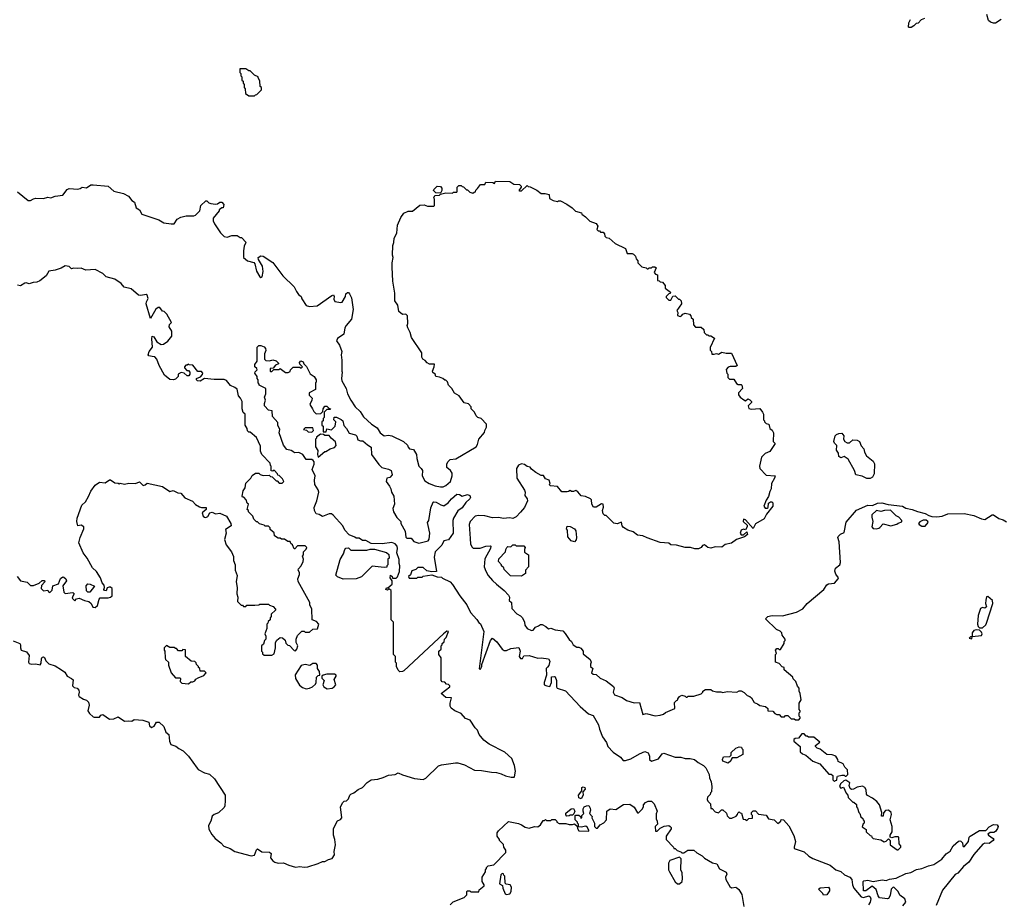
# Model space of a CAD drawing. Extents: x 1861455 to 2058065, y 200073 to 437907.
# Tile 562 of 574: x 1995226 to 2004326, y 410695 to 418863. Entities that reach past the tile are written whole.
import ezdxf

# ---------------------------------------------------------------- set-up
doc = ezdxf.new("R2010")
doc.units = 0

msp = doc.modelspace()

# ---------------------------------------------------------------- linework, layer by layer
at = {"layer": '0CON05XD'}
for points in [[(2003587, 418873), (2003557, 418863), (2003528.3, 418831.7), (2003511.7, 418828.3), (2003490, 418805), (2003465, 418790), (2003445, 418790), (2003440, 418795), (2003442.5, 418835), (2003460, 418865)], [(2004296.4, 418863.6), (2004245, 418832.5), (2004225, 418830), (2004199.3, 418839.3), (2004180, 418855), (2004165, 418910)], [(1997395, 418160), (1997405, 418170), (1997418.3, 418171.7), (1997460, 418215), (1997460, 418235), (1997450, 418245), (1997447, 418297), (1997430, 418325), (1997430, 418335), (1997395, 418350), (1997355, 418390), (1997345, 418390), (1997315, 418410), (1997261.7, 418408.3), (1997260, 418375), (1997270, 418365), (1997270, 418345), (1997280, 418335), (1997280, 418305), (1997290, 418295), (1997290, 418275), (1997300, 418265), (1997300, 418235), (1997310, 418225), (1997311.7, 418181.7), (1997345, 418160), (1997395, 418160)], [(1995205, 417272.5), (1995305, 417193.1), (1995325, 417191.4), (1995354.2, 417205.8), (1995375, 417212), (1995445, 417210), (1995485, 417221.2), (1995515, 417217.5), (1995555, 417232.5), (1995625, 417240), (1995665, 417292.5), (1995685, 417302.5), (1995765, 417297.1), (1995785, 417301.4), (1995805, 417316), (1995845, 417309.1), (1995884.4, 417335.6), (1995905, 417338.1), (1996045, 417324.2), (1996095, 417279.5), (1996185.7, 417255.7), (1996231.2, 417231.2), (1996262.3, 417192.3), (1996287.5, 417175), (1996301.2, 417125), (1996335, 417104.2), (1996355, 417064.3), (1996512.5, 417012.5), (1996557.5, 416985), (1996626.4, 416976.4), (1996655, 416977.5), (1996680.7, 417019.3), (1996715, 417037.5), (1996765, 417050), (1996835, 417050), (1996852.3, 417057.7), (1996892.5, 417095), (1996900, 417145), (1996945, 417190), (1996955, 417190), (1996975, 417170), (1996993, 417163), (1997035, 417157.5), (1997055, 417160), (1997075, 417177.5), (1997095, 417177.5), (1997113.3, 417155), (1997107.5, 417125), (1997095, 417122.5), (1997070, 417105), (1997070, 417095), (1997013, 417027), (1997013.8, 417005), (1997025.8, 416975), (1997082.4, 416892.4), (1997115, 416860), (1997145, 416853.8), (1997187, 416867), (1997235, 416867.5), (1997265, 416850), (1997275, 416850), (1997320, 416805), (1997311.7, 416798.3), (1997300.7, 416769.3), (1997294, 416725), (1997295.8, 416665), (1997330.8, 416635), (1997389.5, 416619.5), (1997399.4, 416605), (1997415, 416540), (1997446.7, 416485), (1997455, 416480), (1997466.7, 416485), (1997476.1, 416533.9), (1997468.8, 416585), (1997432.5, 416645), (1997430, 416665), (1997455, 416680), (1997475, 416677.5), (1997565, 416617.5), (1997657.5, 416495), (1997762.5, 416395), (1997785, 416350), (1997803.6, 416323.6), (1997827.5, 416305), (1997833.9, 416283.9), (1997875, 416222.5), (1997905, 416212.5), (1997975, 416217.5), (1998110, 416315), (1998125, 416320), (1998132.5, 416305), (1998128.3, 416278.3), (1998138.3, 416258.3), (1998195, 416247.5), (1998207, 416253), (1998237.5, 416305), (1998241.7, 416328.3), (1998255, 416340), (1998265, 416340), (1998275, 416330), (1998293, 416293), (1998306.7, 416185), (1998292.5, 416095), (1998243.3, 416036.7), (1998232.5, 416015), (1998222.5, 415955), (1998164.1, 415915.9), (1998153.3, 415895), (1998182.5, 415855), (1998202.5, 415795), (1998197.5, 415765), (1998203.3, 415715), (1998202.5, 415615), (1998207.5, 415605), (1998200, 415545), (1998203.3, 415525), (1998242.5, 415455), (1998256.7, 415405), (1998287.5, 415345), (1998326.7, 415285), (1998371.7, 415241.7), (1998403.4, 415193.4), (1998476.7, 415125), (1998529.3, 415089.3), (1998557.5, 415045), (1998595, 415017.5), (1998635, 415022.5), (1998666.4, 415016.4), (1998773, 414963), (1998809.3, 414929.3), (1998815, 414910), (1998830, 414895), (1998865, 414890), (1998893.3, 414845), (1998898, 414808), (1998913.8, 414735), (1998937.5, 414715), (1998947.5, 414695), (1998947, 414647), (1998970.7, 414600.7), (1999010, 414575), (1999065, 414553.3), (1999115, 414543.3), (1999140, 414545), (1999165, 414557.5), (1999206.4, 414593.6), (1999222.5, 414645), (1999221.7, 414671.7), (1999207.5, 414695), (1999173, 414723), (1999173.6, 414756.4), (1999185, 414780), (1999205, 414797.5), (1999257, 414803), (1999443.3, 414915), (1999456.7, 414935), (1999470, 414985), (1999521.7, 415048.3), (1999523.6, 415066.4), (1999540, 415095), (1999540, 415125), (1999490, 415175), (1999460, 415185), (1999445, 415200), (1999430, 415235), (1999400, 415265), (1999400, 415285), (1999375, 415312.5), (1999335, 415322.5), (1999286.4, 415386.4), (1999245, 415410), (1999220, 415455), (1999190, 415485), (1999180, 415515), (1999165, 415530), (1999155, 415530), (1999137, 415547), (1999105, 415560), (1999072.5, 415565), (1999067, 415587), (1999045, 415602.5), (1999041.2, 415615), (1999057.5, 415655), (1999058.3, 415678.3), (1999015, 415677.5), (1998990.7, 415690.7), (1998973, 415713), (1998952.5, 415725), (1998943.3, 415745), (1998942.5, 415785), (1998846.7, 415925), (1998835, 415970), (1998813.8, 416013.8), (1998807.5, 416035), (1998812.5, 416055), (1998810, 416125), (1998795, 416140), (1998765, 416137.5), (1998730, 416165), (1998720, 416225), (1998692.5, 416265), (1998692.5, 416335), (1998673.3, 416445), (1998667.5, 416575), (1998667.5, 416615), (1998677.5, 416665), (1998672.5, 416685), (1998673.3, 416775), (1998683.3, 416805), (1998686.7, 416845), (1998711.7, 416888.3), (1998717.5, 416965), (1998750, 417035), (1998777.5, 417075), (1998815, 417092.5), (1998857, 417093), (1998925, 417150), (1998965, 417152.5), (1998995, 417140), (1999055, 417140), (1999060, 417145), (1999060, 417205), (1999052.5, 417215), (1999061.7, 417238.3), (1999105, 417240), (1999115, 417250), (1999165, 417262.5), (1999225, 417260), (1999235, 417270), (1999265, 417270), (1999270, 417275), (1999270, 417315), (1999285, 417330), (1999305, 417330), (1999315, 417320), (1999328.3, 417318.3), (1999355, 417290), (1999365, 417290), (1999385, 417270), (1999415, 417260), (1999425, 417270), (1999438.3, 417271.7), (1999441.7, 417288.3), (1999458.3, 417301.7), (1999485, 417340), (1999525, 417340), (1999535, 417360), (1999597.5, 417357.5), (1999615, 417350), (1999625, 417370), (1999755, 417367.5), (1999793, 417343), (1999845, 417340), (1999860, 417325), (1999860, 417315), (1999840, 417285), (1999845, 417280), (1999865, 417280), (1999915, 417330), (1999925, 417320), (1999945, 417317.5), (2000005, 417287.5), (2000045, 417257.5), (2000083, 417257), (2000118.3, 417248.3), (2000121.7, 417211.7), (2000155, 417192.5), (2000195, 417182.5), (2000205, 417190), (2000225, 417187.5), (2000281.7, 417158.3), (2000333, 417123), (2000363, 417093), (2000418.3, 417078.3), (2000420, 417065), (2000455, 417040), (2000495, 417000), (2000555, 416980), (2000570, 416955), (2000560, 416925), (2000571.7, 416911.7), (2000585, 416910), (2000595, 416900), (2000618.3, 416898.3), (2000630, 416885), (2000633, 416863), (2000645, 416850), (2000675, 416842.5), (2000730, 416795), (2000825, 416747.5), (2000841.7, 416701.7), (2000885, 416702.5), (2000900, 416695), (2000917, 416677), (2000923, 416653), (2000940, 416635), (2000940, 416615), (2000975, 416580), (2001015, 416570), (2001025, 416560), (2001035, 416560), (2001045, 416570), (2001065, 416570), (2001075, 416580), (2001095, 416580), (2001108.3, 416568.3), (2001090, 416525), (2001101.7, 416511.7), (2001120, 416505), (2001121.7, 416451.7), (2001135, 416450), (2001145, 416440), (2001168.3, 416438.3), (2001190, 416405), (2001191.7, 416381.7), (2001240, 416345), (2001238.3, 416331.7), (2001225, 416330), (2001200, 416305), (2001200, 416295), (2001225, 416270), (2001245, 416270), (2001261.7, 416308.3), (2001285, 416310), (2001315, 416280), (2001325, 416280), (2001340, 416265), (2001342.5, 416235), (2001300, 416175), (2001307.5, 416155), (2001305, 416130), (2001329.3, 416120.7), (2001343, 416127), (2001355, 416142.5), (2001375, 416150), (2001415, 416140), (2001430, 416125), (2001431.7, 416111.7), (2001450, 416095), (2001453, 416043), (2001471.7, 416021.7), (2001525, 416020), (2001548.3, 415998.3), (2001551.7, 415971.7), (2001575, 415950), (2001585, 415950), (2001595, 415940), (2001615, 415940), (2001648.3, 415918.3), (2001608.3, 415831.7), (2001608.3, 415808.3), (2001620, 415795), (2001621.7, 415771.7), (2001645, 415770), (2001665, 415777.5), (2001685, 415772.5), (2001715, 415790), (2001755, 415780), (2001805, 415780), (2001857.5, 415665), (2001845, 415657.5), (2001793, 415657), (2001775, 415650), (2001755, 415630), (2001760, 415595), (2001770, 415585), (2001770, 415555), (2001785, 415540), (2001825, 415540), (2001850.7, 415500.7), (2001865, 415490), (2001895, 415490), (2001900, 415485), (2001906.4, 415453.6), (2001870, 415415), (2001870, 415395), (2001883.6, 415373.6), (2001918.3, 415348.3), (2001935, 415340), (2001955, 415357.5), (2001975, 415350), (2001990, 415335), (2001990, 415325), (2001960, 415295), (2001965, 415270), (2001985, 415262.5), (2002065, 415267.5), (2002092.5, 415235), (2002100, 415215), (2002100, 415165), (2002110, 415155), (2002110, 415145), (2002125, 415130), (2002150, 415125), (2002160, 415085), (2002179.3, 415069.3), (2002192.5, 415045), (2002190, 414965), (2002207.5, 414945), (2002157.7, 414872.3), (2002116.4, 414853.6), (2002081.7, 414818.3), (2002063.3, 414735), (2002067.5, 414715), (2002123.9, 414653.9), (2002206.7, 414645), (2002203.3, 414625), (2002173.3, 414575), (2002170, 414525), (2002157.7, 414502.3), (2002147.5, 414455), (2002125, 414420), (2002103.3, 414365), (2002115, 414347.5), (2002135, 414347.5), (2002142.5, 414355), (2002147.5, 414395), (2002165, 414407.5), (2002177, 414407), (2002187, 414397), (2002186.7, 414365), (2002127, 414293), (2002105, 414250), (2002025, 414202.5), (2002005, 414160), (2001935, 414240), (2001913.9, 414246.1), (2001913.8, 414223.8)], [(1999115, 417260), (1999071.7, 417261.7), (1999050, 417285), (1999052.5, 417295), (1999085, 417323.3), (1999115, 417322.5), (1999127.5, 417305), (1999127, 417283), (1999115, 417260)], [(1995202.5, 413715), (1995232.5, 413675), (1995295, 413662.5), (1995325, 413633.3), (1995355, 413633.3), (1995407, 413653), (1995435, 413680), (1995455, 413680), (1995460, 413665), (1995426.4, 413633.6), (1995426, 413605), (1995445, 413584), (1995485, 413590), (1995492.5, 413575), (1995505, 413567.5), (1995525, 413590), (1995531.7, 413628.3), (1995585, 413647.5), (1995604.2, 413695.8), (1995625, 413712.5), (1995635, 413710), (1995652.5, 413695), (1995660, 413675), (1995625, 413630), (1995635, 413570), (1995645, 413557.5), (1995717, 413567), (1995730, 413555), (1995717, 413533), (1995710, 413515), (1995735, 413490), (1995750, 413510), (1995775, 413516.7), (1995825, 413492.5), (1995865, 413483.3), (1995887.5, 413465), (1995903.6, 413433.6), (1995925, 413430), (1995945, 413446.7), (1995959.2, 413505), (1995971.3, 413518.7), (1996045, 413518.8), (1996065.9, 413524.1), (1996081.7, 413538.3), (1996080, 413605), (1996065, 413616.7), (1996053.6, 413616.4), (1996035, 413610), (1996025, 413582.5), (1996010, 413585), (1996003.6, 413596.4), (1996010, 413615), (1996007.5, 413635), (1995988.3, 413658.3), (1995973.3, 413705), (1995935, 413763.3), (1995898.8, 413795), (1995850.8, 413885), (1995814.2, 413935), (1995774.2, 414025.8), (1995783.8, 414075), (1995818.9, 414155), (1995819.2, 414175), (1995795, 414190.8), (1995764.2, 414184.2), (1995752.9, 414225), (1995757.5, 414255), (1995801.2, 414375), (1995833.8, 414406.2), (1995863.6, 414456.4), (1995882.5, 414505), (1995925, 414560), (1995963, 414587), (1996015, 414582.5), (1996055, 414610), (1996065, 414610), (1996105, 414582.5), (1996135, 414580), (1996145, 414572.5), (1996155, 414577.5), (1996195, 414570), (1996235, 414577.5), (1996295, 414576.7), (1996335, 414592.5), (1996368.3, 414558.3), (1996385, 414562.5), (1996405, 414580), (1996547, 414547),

*Task brief*:
Go line by line through the data, copying each one that contains the word "layer".

*Completed exercise*:
# ---------------------------------------------------------------- linework, layer by layer
at = {"layer": '0CON05XD'}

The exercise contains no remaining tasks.